====== RAW DATA ======

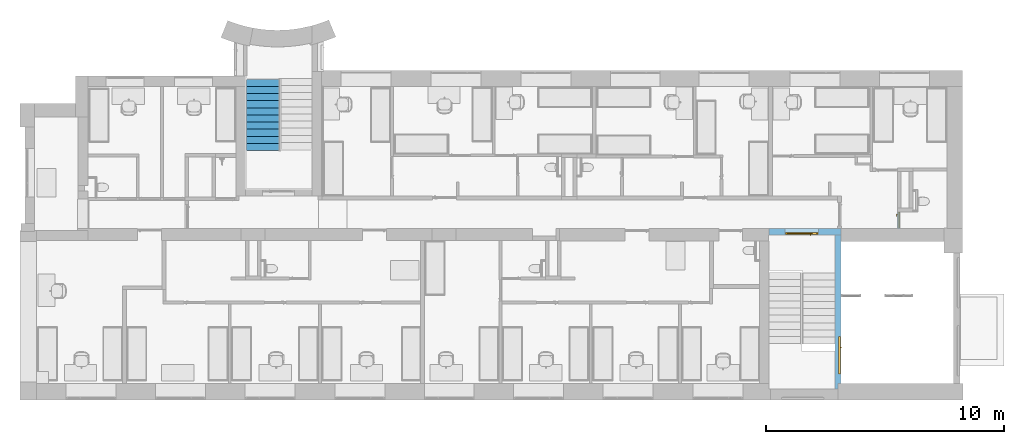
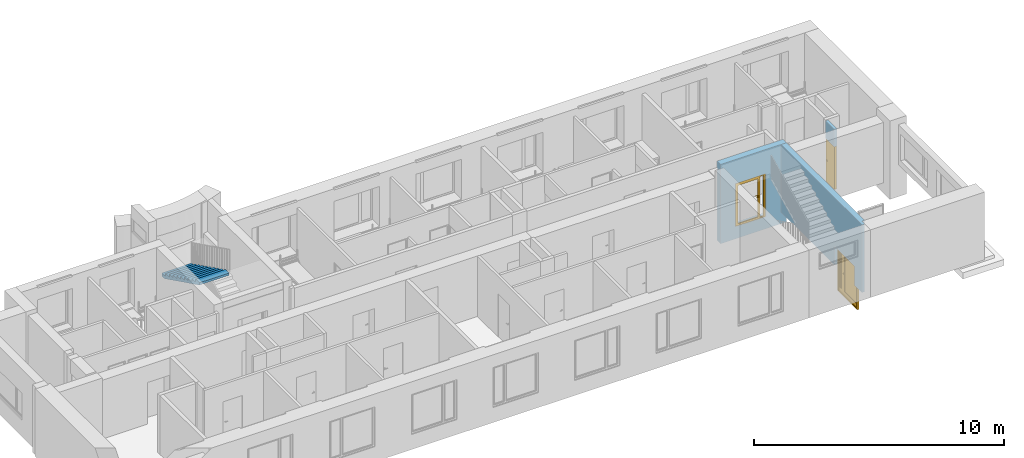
"""IFC2X3 building model written with IfcOpenShell, lengths in millimetres."""

from ifc_helpers import new_model, entity, si_unit, converted_unit, derived_unit, direction, frame, frame_2d, origin, origin_2d_with_axis, place, context, subcontext, project, spatial, polyline, rectangle, outline, extrude, faceted_brep, source, transform, mapped, material, material_list, layer, layer_set, layer_usage, type_object, type_shapes, element, fill, aggregate, save


model = new_model("IFC2X3")

# Units and contexts
model_context = context("Model", 3, precision=0.01, world=origin(), true_north=direction((6.12303176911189e-17, 1.0)))
body_context = subcontext(model_context, "Body", "Model", "MODEL_VIEW")
ifc_project = project(units=[si_unit("LENGTHUNIT", "METRE", prefix="MILLI"), si_unit("AREAUNIT", "SQUARE_METRE"), si_unit("VOLUMEUNIT", "CUBIC_METRE"), converted_unit("PLANEANGLEUNIT", "DEGREE", entity("IfcRatioMeasure", 0.0174532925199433), si_unit("PLANEANGLEUNIT", "RADIAN"), dimensions=[0, 0, 0, 0, 0, 0, 0]), si_unit("MASSUNIT", "GRAM", prefix="KILO"), derived_unit("MASSDENSITYUNIT", [(si_unit("MASSUNIT", "GRAM", prefix="KILO"), 1), (si_unit("LENGTHUNIT", "METRE"), -3)]), si_unit("TIMEUNIT", "SECOND"), si_unit("FREQUENCYUNIT", "HERTZ"), si_unit("THERMODYNAMICTEMPERATUREUNIT", "DEGREE_CELSIUS"), derived_unit("THERMALTRANSMITTANCEUNIT", [(si_unit("MASSUNIT", "GRAM", prefix="KILO"), 1), (si_unit("THERMODYNAMICTEMPERATUREUNIT", "KELVIN"), -1), (si_unit("TIMEUNIT", "SECOND"), -3)]), derived_unit("VOLUMETRICFLOWRATEUNIT", [(si_unit("LENGTHUNIT", "METRE"), 3), (si_unit("TIMEUNIT", "SECOND"), -1)]), si_unit("ELECTRICCURRENTUNIT", "AMPERE"), si_unit("ELECTRICVOLTAGEUNIT", "VOLT"), si_unit("POWERUNIT", "WATT"), si_unit("FORCEUNIT", "NEWTON", prefix="KILO"), si_unit("ILLUMINANCEUNIT", "LUX"), si_unit("LUMINOUSFLUXUNIT", "LUMEN"), si_unit("LUMINOUSINTENSITYUNIT", "CANDELA"), derived_unit("USERDEFINED", [(si_unit("MASSUNIT", "GRAM", prefix="KILO"), -1), (si_unit("LENGTHUNIT", "METRE"), -2), (si_unit("TIMEUNIT", "SECOND"), 3), (si_unit("LUMINOUSFLUXUNIT", "LUMEN"), 1)]), derived_unit("LINEARVELOCITYUNIT", [(si_unit("LENGTHUNIT", "METRE"), 1), (si_unit("TIMEUNIT", "SECOND"), -1)]), si_unit("PRESSUREUNIT", "PASCAL"), derived_unit("USERDEFINED", [(si_unit("LENGTHUNIT", "METRE"), -2), (si_unit("MASSUNIT", "GRAM", prefix="KILO"), 1), (si_unit("TIMEUNIT", "SECOND"), -2)]), derived_unit("LINEARFORCEUNIT", [(si_unit("MASSUNIT", "GRAM", prefix="KILO"), 1), (si_unit("LENGTHUNIT", "METRE"), 1), (si_unit("TIMEUNIT", "SECOND"), -2), (si_unit("LENGTHUNIT", "METRE"), -1)]), derived_unit("PLANARFORCEUNIT", [(si_unit("MASSUNIT", "GRAM", prefix="KILO"), 1), (si_unit("LENGTHUNIT", "METRE"), 1), (si_unit("TIMEUNIT", "SECOND"), -2), (si_unit("LENGTHUNIT", "METRE"), -2)])], contexts=[model_context])

# Site, building, storey
site_placement = place(None, origin())
site = spatial("IfcSite", under=ifc_project, at=site_placement, Name="Default", CompositionType="ELEMENT")
building_placement = place(site_placement, origin())
building = spatial("IfcBuilding", under=site, at=building_placement, Name="SMA ARH", CompositionType="ELEMENT")
storey_1_placement = place(building_placement, origin())
storey_1 = spatial("IfcBuildingStorey", under=building, at=storey_1_placement, Name="1 Korrus", CompositionType="ELEMENT", Elevation=0.0)

# Wall, openings, door
ifc_material_1 = material(Name="_ol.olev sein")
ifc_layer_1 = layer(ifc_material_1, 280.0)
ifc_layer_set_1 = layer_set([ifc_layer_1], Name="Basic Wall:Generic - 280mm")
ifc_layer_usage_1 = layer_usage(ifc_layer_set_1, "AXIS2", "POSITIVE", -140.0)
wall_type_1 = type_object("IfcWallType", Name="Basic Wall:Generic - 280mm", PredefinedType="STANDARD", material=ifc_layer_set_1)
wall_1_placement = place(storey_1_placement, frame((30830.0, 6380.0, -568.557748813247)))
wall_1 = element("IfcWallStandardCase", 1, at=wall_1_placement, inside=storey_1, type_object=wall_type_1, material=ifc_layer_usage_1, Name="Basic Wall:Generic - 280mm", ObjectType="Basic Wall:Generic - 280mm", context=body_context, shape_type="SweptSolid", body=[
    extrude(rectangle(XDim=3035.00000000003, YDim=279.999999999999, at=frame_2d((1517.50000000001, 3.69482222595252e-13), x_axis=(-1.0, 0.0))), origin(), (0.0, 0.0, 1.0), 3868.55774881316),
])
opening_1_placement = place(wall_1_placement, origin())
element("IfcOpeningElement", 2, at=opening_1_placement, cuts=wall_1, Name="Basic Wall:Generic - 280mm", ObjectType="Opening", context=body_context, shape_type="SweptSolid", body=[
    extrude(rectangle(XDim=2059.99999999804, YDim=999.999999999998, at=origin_2d_with_axis()), frame((-1615.0, -1384.0, 1598.55774881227), z_axis=(0.0, 1.0, 0.0), x_axis=(0.0, 0.0, 1.0)), (0.0, 0.0, 1.0), 3048.0),
])
opening_2_placement = place(wall_1_placement, origin())
element("IfcOpeningElement", 3, at=opening_2_placement, cuts=wall_1, Name="Basic Wall:Generic - 280mm", ObjectType="Opening", context=body_context, shape_type="SweptSolid", body=[
    extrude(rectangle(XDim=2099.99999999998, YDim=1350.0, at=frame_2d((0.0, -2.1600499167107e-12), x_axis=(1.0, 0.0))), frame((1345.0, -1384.0, 4918.55774881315), z_axis=(0.0, 1.0, 0.0), x_axis=(0.0, 0.0, 1.0)), (0.0, 0.0, 1.0), 3048.0),
])
opening_3_placement = place(wall_1_placement, frame((2080.0, 140.0, 588.557748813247)))
opening_3 = element("IfcOpeningElement", 4, at=opening_3_placement, cuts=wall_1, Name="SMA_D02, 2-poolne:SU-AL-02 - 1400x2100 EI-30:1", ObjectType="Opening", context=body_context, shape_type="SweptSolid", body=[
    extrude(rectangle(XDim=2099.99999999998, YDim=1400.0, at=frame_2d((1049.99999999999, 700.0), x_axis=(1.0, 0.0))), frame((0.0, 0.0, 0.0), z_axis=(0.0, -1.0, 0.0), x_axis=(0.0, 0.0, 1.0)), (0.0, 0.0, 1.0), 280.0),
])
ifc_material_2 = material(Name="EST. Metall. Plekk. Värvitud. RAL7023 (Concrete grey)")
ifc_material_3 = material(Name="<Unnamed>")
ifc_material_4 = material(Name="EST. Klaas. 3x. Default")
ifc_material_list_1 = material_list([ifc_material_3, ifc_material_2, ifc_material_3, ifc_material_2, ifc_material_2, ifc_material_3, ifc_material_4])
door_style_1 = type_object("IfcDoorStyle", Name="SMA_D02, 2-poolne:SU-AL-02 - 1400x2100 EI-30", ConstructionType="NOTDEFINED", OperationType="SINGLE_SWING_RIGHT", ParameterTakesPrecedence=False, Sizeable=False, material=ifc_material_list_1)
shared_shape_1 = source(origin(), body_context, "Body", "Brep", [
    faceted_brep([(347.499999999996, 170.0, 1100.0), (347.499999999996, 208.0, 1100.0), (322.499999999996, 208.0, 1100.0), (322.499999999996, 165.0, 1100.0), (442.499999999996, 165.0, 1100.0), (442.499999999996, 170.0, 1100.0), (347.499999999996, 170.0, 1075.0), (442.499999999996, 170.0, 1075.0), (442.499999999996, 165.0, 1075.0), (322.499999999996, 165.0, 1075.0), (322.499999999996, 208.0, 1075.0), (347.499999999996, 208.0, 1075.0)], [[[0, 1, 2, 3, 4, 5]], [[6, 7, 8, 9, 10, 11]], [[1, 0, 6, 11]], [[2, 1, 11, 10]], [[3, 2, 10, 9]], [[4, 3, 9, 8]], [[5, 4, 8, 7]], [[0, 5, 7, 6]]]),
    faceted_brep([(360.0, 208.0, 1125.0), (360.0, 210.0, 1125.0), (310.0, 210.0, 1125.0), (310.0, 208.0, 1125.0), (360.0, 208.0, 1005.0), (310.0, 208.0, 1005.0), (310.0, 210.0, 1005.0), (360.0, 210.0, 1005.0)], [[[0, 1, 2, 3]], [[4, 5, 6, 7]], [[1, 0, 4, 7]], [[2, 1, 7, 6]], [[3, 2, 6, 5]], [[0, 3, 5, 4]]]),
    faceted_brep([(347.499999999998, 300.0, 1100.0), (442.499999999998, 300.0, 1100.0), (442.499999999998, 305.0, 1100.0), (322.499999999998, 305.0, 1100.0), (322.499999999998, 262.0, 1100.0), (347.499999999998, 262.0, 1100.0), (347.499999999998, 300.0, 1075.0), (347.499999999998, 262.0, 1075.0), (322.499999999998, 262.0, 1075.0), (322.499999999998, 305.0, 1075.0), (442.499999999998, 305.0, 1075.0), (442.499999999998, 300.0, 1075.0)], [[[0, 1, 2, 3, 4, 5]], [[6, 7, 8, 9, 10, 11]], [[5, 7, 6, 0]], [[4, 8, 7, 5]], [[3, 9, 8, 4]], [[2, 10, 9, 3]], [[1, 11, 10, 2]], [[0, 6, 11, 1]]]),
    faceted_brep([(360.0, 262.0, 1125.0), (310.0, 262.0, 1125.0), (310.0, 260.0, 1125.0), (360.0, 260.0, 1125.0), (360.0, 262.0, 1005.0), (360.0, 260.0, 1005.0), (310.0, 260.0, 1005.0), (310.0, 262.0, 1005.0)], [[[0, 1, 2, 3]], [[4, 5, 6, 7]], [[3, 5, 4, 0]], [[2, 6, 5, 3]], [[1, 7, 6, 2]], [[0, 4, 7, 1]]]),
    faceted_brep([(1324.5, 170.0, 30.0), (1324.5, 170.0, 0.0), (1324.5, 210.0, 0.0), (1324.5, 210.0, 20.0), (1324.5, 210.0, 30.0), (75.4999999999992, 170.0, 30.0), (75.4999999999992, 210.0, 30.0), (75.4999999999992, 210.0, 20.0), (75.4999999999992, 210.0, 0.0), (75.4999999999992, 170.0, 0.0), (65.4999999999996, 210.0, 0.0), (65.4999999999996, 260.0, 0.0), (1334.5, 260.0, 0.0), (1334.5, 210.0, 0.0), (1334.5, 260.0, 20.0), (1334.5, 210.0, 20.0), (65.4999999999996, 260.0, 20.0), (65.4999999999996, 210.0, 20.0)], [[[0, 1, 2, 3, 4]], [[5, 6, 7, 8, 9]], [[1, 0, 5, 9]], [[2, 1, 9, 8, 10, 11, 12, 13]], [[6, 4, 3, 7]], [[0, 4, 6, 5]], [[14, 15, 13, 12]], [[16, 11, 10, 17]], [[15, 14, 16, 17, 7, 3]], [[13, 15, 3, 2]], [[14, 12, 11, 16]], [[17, 10, 8, 7]]]),
    faceted_brep([(1390.0, 170.0, 0.0), (1324.5, 170.0, 0.0), (1324.5, 210.0, 0.0), (1334.5, 210.0, 0.0), (1334.5, 260.0, 0.0), (1390.0, 260.0, 0.0), (1390.0, 170.0, 2090.0), (10.0, 170.0, 2090.0), (10.0, 170.0, 0.0), (75.4999999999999, 170.0, 0.0), (75.4999999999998, 170.0, 2024.49999999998), (1324.5, 170.0, 2024.49999999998), (1324.5, 210.0, 2024.49999999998), (75.5, 210.0, 2024.49999999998), (75.5000000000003, 210.0, 0.0), (65.5000000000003, 210.0, 0.0), (65.5000000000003, 210.0, 2034.49999999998), (1334.5, 210.0, 2034.49999999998), (1334.5, 260.0, 2034.49999999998), (65.5000000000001, 260.0, 2034.49999999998), (65.5000000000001, 260.0, 0.0), (10.0, 260.0, 0.0), (10.0, 260.0, 2090.0), (1390.0, 260.0, 2090.0)], [[[0, 1, 2, 3, 4, 5]], [[1, 0, 6, 7, 8, 9, 10, 11]], [[2, 1, 11, 12]], [[3, 2, 12, 13, 14, 15, 16, 17]], [[4, 3, 17, 18]], [[5, 4, 18, 19, 20, 21, 22, 23]], [[0, 5, 23, 6]], [[8, 7, 22, 21]], [[9, 8, 21, 20, 15, 14]], [[10, 9, 14, 13]], [[16, 15, 20, 19]], [[11, 10, 13, 12]], [[17, 16, 19, 18]], [[7, 6, 23, 22]]]),
    faceted_brep([(260.0, 210.0, 2034.49999999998), (260.0, 210.0, 20.0), (1334.5, 210.0, 20.0), (1334.5, 210.0, 2034.49999999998), (345.0, 210.0, 95.0), (345.0, 210.0, 1955.0), (1259.5, 210.0, 1955.0), (1259.5, 210.0, 95.0), (260.0, 260.0, 2034.49999999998), (1334.5, 260.0, 2034.49999999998), (1334.5, 260.0, 20.0), (260.0, 260.0, 20.0), (345.0, 260.0, 1955.0), (345.0, 260.0, 95.0), (1259.5, 260.0, 95.0), (1259.5, 260.0, 1955.0)], [[[0, 1, 2, 3], [4, 5, 6, 7]], [[8, 9, 10, 11], [12, 13, 14, 15]], [[1, 0, 8, 11]], [[2, 1, 11, 10]], [[3, 2, 10, 9]], [[0, 3, 9, 8]], [[12, 5, 4, 13]], [[13, 4, 7, 14]], [[14, 7, 6, 15]], [[5, 12, 15, 6]]]),
])
type_shapes(door_style_1, [shared_shape_1])
door_1_placement = place(opening_3_placement, frame((0.0, 0.0, 0.0), z_axis=(0.0, 0.0, 1.0), x_axis=(-1.0, 0.0, 0.0)))
door_1 = element("IfcDoor", 5, at=door_1_placement, inside=storey_1, type_object=door_style_1, material=ifc_material_2, Name="SMA_D02, 2-poolne:SU-AL-02 - 1400x2100 EI-30", ObjectType="SMA_D02, 2-poolne:SU-AL-02 - 1400x2100 EI-30", OverallHeight=2099.99999999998, OverallWidth=1400.0, context=body_context, shape_type="MappedRepresentation", body=[
    mapped(shared_shape_1, transform((0.0, 0.0, 0.0), scale=1.0)),
])
fill(opening_3, door_1)

# Wall, opening
ifc_layer_2 = layer(ifc_material_1, 250.0)
ifc_layer_set_2 = layer_set([ifc_layer_2], Name="Basic Wall:Generic - 250mm")
ifc_layer_usage_2 = layer_usage(ifc_layer_set_2, "AXIS2", "NEGATIVE", 125.0)
wall_type_2 = type_object("IfcWallType", Name="Basic Wall:Generic - 250mm", PredefinedType="STANDARD", material=ifc_layer_set_2)
wall_2_placement = place(storey_1_placement, frame((33740.0, 6240.0, 0.0), z_axis=(0.0, 0.0, 1.0), x_axis=(0.0, -1.0, 0.0)))
wall_2 = element("IfcWallStandardCase", 6, at=wall_2_placement, inside=storey_1, type_object=wall_type_2, material=ifc_layer_usage_2, Name="Basic Wall:Generic - 250mm", ObjectType="Basic Wall:Generic - 250mm", context=body_context, shape_type="SweptSolid", body=[
    extrude(outline(polyline([(0.0, -125.0), (270.0, -125.0), (1230.0, -125.0), (6240.0, -125.0), (6470.0, -125.0), (6470.0, 0.0), (6240.0, 0.0), (6240.0, 125.0), (1230.0, 125.0), (270.0, 125.0), (0.0, 125.0), (0.0, -125.0)])), origin(), (0.0, 0.0, 1.0), 3299.99999999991),
])
opening_4_placement = place(wall_2_placement, frame((4255.0, -125.0, -1270.0)))
opening_4 = element("IfcOpeningElement", 7, at=opening_4_placement, cuts=wall_2, Name="SMA_D02, 2-poolne:SU-AL-04 - 1600x2100:1", ObjectType="Opening", context=body_context, shape_type="SweptSolid", body=[
    extrude(rectangle(XDim=2189.99999999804, YDim=1600.0, at=frame_2d((1094.99999999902, 800.0), x_axis=(1.0, 0.0))), frame((0.0, 0.0, 0.0), z_axis=(0.0, 1.0, 0.0), x_axis=(0.0, 0.0, 1.0)), (0.0, 0.0, 1.0), 250.0),
])

# Storey
storey_2_placement = place(building_placement, frame((0.0, 0.0, -1270.0)))
storey_2 = spatial("IfcBuildingStorey", under=building, at=storey_2_placement, Name="Sissepääs", CompositionType="ELEMENT", Elevation=-1270.0)

# Door
ifc_material_list_2 = material_list([ifc_material_2, ifc_material_4])
ifc_material_list_3 = material_list([ifc_material_2, ifc_material_4, ifc_material_3, ifc_material_2, ifc_material_2, ifc_material_3, ifc_material_3])
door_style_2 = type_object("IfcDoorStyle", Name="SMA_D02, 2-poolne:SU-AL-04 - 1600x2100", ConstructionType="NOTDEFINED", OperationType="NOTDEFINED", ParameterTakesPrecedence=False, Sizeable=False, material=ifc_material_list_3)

======

TASK OBJECTIVE ▸ The answer is a count and nothing more: lines above that contain "subcontext".

REPLY TO THE EXERCISE ▸ 2